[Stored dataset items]

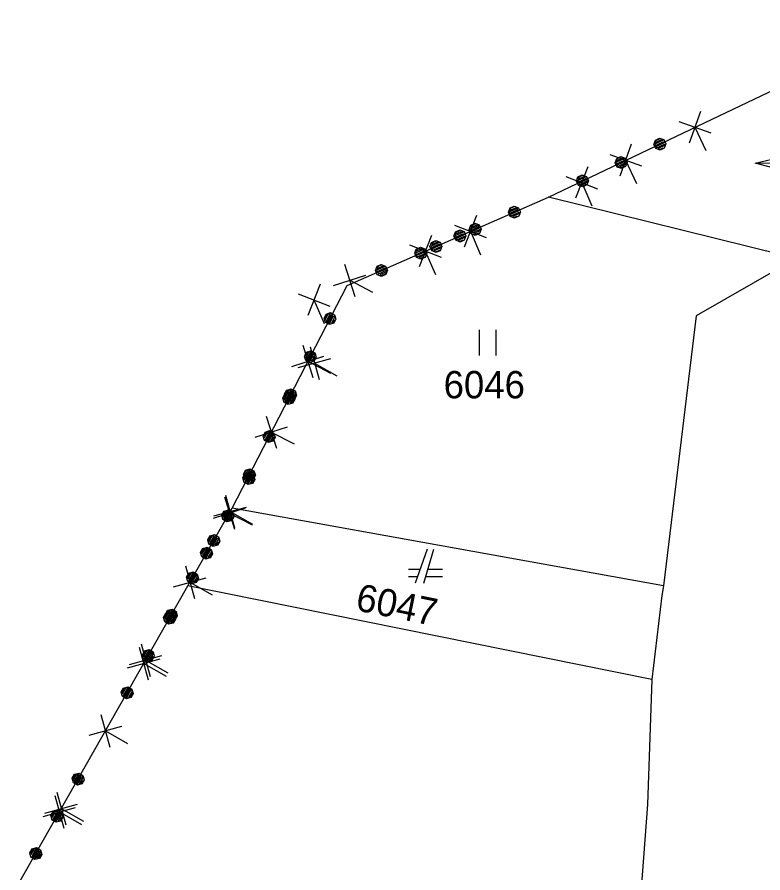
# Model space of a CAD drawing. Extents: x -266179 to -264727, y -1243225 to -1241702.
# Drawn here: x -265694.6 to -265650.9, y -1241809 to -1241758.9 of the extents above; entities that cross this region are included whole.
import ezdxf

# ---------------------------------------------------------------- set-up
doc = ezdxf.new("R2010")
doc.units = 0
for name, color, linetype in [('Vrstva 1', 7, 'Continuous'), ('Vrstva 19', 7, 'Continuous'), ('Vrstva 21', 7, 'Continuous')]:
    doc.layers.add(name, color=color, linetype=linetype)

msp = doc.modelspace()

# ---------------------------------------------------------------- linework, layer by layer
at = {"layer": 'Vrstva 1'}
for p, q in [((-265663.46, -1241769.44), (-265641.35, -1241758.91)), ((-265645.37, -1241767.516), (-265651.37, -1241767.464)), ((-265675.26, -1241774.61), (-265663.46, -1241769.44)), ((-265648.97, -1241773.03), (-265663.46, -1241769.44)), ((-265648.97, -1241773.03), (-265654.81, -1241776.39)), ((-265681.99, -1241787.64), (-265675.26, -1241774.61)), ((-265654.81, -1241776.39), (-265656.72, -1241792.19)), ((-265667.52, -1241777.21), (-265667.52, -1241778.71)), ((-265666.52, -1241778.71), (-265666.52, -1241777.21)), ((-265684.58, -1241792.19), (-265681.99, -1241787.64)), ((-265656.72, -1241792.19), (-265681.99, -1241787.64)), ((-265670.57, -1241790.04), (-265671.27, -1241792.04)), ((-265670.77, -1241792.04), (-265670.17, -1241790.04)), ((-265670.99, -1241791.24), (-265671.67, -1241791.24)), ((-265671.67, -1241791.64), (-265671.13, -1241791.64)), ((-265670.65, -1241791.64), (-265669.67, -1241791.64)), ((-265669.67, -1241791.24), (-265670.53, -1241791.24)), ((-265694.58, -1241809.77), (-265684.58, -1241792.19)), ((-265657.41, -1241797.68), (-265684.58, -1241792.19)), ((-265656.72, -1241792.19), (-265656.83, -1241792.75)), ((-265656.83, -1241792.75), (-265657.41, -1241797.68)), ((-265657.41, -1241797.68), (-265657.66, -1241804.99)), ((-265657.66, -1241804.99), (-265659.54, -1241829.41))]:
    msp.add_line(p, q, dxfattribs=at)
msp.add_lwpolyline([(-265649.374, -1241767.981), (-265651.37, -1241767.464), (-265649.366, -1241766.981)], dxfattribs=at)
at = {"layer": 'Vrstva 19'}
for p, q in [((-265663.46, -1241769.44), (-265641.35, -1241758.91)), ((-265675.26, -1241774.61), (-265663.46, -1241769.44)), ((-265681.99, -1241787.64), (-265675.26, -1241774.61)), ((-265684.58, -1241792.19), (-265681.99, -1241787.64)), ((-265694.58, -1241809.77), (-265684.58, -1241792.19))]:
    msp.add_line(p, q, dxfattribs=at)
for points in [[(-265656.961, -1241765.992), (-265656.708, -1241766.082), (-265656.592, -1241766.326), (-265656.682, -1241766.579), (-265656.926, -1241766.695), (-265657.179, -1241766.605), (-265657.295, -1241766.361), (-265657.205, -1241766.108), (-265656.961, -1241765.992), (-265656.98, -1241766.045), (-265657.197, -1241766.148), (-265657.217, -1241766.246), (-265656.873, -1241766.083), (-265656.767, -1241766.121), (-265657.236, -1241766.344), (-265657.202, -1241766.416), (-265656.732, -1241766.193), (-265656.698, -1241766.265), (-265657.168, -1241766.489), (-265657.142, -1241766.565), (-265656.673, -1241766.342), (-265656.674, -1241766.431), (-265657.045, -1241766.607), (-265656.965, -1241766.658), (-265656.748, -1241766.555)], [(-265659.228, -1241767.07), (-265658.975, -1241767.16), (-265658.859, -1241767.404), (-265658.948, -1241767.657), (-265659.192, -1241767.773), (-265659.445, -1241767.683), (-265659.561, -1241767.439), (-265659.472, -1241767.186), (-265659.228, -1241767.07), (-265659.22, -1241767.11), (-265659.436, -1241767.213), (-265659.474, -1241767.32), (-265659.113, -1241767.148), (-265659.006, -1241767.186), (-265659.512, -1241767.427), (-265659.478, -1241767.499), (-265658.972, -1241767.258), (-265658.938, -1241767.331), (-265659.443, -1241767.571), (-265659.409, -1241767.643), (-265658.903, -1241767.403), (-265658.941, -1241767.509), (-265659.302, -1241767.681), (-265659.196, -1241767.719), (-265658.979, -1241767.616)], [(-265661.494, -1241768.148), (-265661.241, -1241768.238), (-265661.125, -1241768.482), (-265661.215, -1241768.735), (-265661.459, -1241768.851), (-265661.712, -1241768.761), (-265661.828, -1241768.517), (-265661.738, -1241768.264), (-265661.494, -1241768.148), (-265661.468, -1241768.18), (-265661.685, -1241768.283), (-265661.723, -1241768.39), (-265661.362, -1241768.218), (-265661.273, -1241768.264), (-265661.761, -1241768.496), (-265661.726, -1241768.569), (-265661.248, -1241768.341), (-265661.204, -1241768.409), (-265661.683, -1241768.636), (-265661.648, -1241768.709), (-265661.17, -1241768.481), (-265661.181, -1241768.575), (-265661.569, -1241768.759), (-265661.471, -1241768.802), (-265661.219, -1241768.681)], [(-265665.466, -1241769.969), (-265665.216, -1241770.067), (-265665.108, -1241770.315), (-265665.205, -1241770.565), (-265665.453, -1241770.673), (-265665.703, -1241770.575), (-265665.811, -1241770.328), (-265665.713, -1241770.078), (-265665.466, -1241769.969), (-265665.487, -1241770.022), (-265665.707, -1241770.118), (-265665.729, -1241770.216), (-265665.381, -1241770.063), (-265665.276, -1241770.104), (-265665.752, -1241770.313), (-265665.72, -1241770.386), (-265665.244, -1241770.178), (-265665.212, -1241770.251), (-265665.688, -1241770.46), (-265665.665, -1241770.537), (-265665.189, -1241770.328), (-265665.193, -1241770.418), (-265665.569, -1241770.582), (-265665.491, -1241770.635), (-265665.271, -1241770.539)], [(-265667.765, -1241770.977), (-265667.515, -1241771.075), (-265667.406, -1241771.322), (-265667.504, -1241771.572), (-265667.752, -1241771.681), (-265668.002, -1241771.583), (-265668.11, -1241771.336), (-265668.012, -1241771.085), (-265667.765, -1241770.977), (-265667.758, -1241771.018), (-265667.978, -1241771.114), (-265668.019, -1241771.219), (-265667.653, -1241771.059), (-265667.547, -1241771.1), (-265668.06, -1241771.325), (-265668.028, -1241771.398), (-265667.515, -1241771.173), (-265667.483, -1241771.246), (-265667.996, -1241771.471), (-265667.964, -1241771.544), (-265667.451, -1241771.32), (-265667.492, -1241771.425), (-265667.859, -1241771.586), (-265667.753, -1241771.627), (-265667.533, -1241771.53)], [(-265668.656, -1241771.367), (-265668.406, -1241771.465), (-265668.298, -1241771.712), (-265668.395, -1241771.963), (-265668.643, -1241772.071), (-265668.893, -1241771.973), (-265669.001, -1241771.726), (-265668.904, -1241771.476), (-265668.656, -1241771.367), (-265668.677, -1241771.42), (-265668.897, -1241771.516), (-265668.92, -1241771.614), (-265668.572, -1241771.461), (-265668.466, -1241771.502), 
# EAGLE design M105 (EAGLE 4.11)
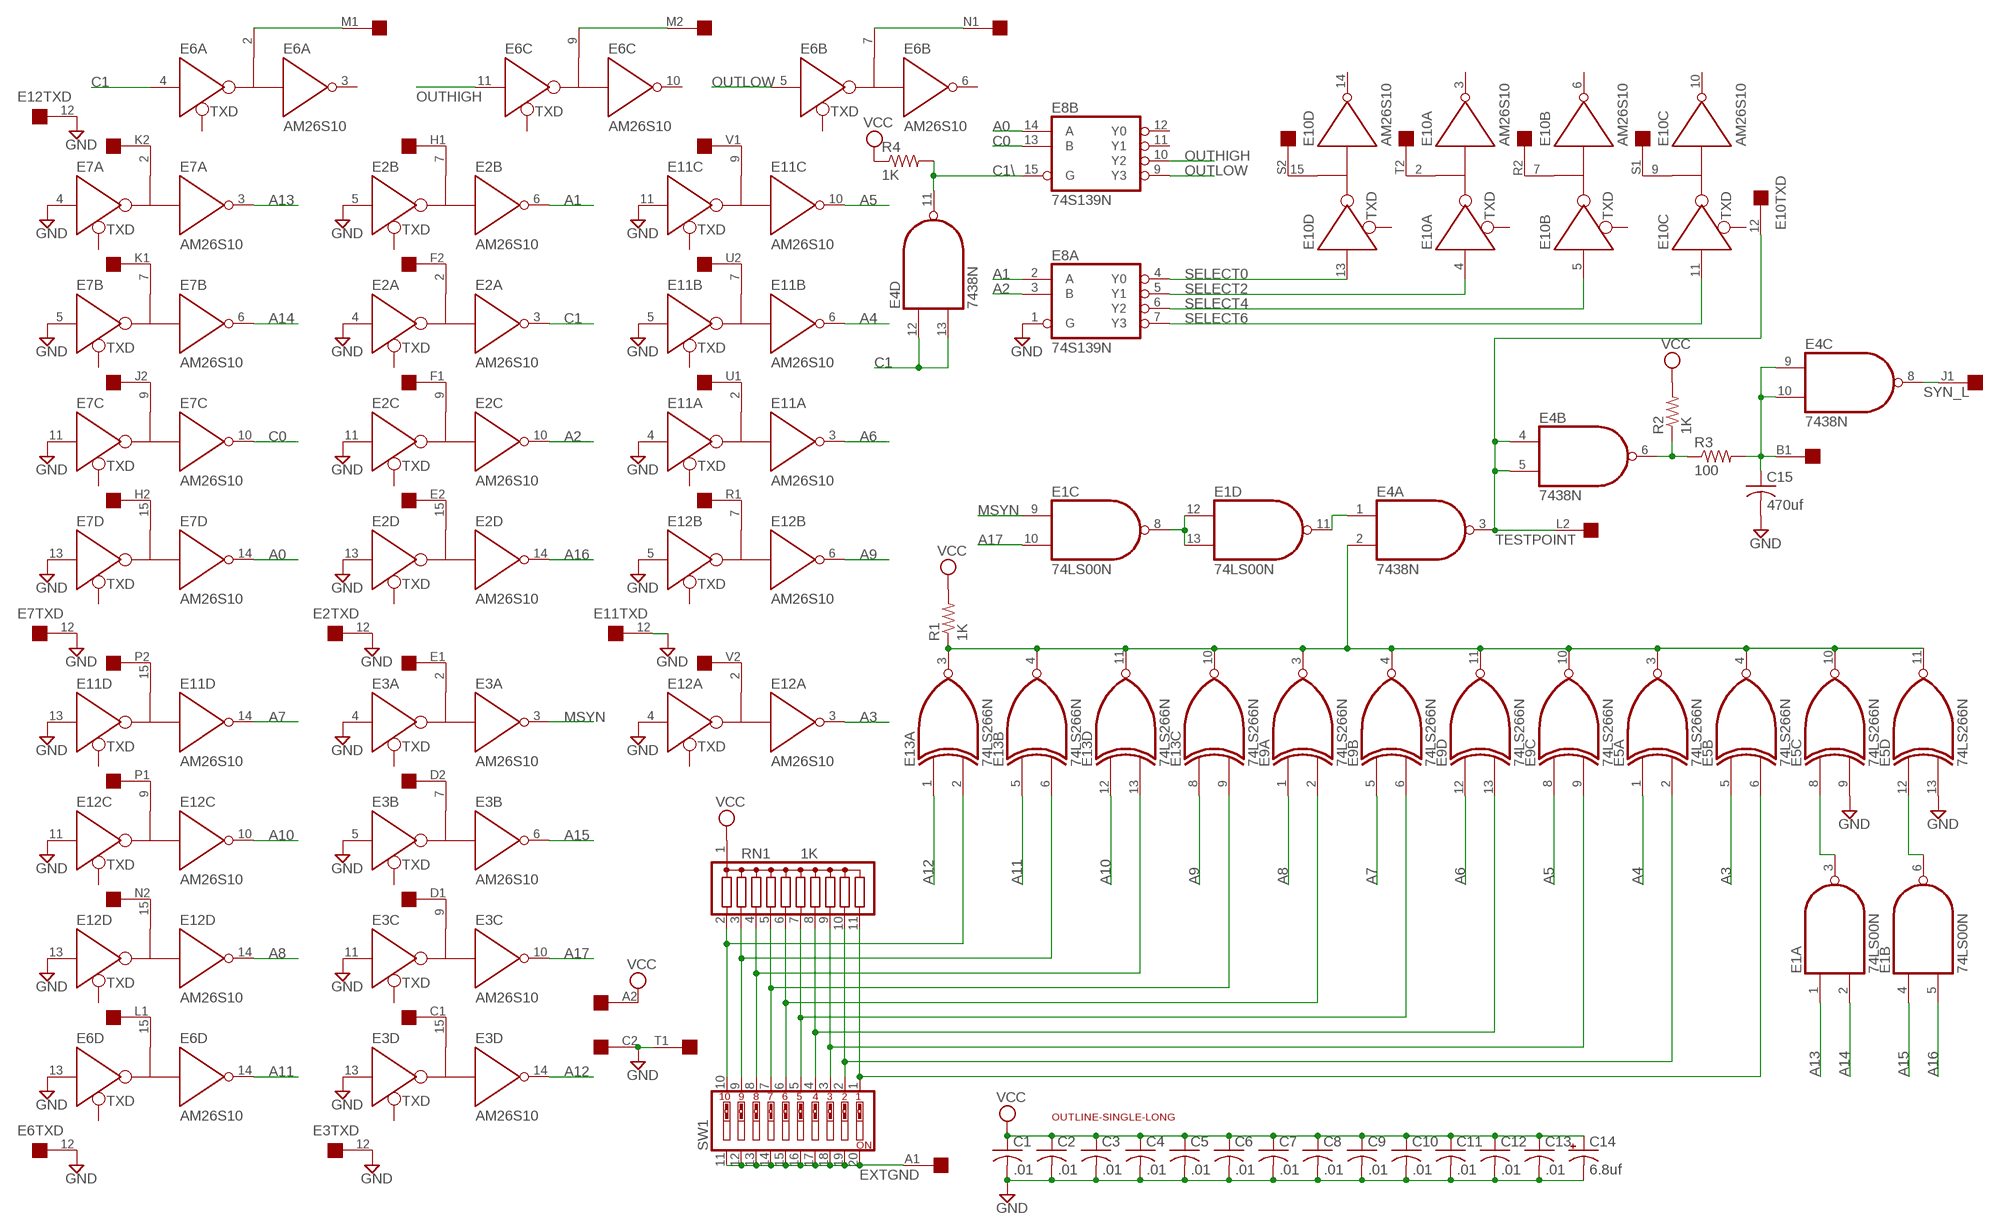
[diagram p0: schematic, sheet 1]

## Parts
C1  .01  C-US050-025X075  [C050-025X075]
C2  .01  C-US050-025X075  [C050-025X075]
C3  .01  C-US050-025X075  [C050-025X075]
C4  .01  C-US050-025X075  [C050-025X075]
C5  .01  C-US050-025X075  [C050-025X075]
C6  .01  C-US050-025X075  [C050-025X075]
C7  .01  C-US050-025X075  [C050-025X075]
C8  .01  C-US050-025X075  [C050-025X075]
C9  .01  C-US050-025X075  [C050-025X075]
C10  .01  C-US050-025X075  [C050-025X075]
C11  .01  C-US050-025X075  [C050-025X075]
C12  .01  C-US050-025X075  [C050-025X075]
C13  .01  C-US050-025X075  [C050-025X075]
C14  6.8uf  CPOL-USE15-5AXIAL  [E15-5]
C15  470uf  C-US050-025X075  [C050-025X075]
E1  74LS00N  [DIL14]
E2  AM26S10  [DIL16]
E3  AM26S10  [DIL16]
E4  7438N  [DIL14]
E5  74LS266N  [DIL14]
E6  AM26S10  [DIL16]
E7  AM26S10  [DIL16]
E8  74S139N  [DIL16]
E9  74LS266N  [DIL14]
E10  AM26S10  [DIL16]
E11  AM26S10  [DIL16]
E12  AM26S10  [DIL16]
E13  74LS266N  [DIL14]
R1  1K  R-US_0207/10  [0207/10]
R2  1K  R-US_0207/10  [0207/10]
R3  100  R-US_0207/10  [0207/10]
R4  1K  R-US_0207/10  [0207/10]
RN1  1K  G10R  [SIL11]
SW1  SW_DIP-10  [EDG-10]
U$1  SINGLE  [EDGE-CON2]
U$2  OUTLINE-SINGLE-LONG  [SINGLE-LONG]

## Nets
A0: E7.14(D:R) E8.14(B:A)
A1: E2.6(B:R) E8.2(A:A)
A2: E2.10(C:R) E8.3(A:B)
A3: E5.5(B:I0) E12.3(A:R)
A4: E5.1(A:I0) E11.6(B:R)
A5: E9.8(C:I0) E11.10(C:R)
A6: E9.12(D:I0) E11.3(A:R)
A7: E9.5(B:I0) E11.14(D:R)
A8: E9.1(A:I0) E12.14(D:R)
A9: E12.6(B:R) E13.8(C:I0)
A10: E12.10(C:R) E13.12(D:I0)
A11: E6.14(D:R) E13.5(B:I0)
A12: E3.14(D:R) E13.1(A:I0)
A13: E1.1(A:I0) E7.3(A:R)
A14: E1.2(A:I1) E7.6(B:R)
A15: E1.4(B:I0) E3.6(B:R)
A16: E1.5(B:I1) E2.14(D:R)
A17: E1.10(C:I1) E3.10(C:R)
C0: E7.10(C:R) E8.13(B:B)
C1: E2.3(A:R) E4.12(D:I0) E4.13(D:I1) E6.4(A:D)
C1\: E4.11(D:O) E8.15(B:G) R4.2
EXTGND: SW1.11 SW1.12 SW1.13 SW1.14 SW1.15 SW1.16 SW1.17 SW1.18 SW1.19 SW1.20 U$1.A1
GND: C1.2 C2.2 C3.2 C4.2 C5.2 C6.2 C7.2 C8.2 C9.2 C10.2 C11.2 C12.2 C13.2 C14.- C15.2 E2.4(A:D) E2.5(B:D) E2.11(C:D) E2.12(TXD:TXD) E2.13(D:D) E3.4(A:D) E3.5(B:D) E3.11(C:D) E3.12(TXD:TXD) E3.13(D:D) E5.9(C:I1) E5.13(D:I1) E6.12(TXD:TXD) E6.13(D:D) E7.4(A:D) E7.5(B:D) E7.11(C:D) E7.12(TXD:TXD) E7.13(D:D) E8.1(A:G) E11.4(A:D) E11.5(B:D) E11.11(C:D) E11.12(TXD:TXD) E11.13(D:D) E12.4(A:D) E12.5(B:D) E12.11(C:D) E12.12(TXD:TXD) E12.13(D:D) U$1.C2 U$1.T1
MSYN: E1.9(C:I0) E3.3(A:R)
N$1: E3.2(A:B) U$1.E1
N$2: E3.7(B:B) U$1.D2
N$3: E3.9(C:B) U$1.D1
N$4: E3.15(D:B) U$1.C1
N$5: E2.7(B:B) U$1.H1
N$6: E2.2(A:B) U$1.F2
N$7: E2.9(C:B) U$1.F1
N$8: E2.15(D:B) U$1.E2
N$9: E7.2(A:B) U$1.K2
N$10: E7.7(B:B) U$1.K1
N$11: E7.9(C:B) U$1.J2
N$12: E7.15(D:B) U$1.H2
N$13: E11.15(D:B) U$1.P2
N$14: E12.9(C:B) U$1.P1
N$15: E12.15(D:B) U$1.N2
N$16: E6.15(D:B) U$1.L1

WHAT YOU HAVE TO DO
Tell how many lines above hold "name", nothing more.

WORKED SOLUTION
2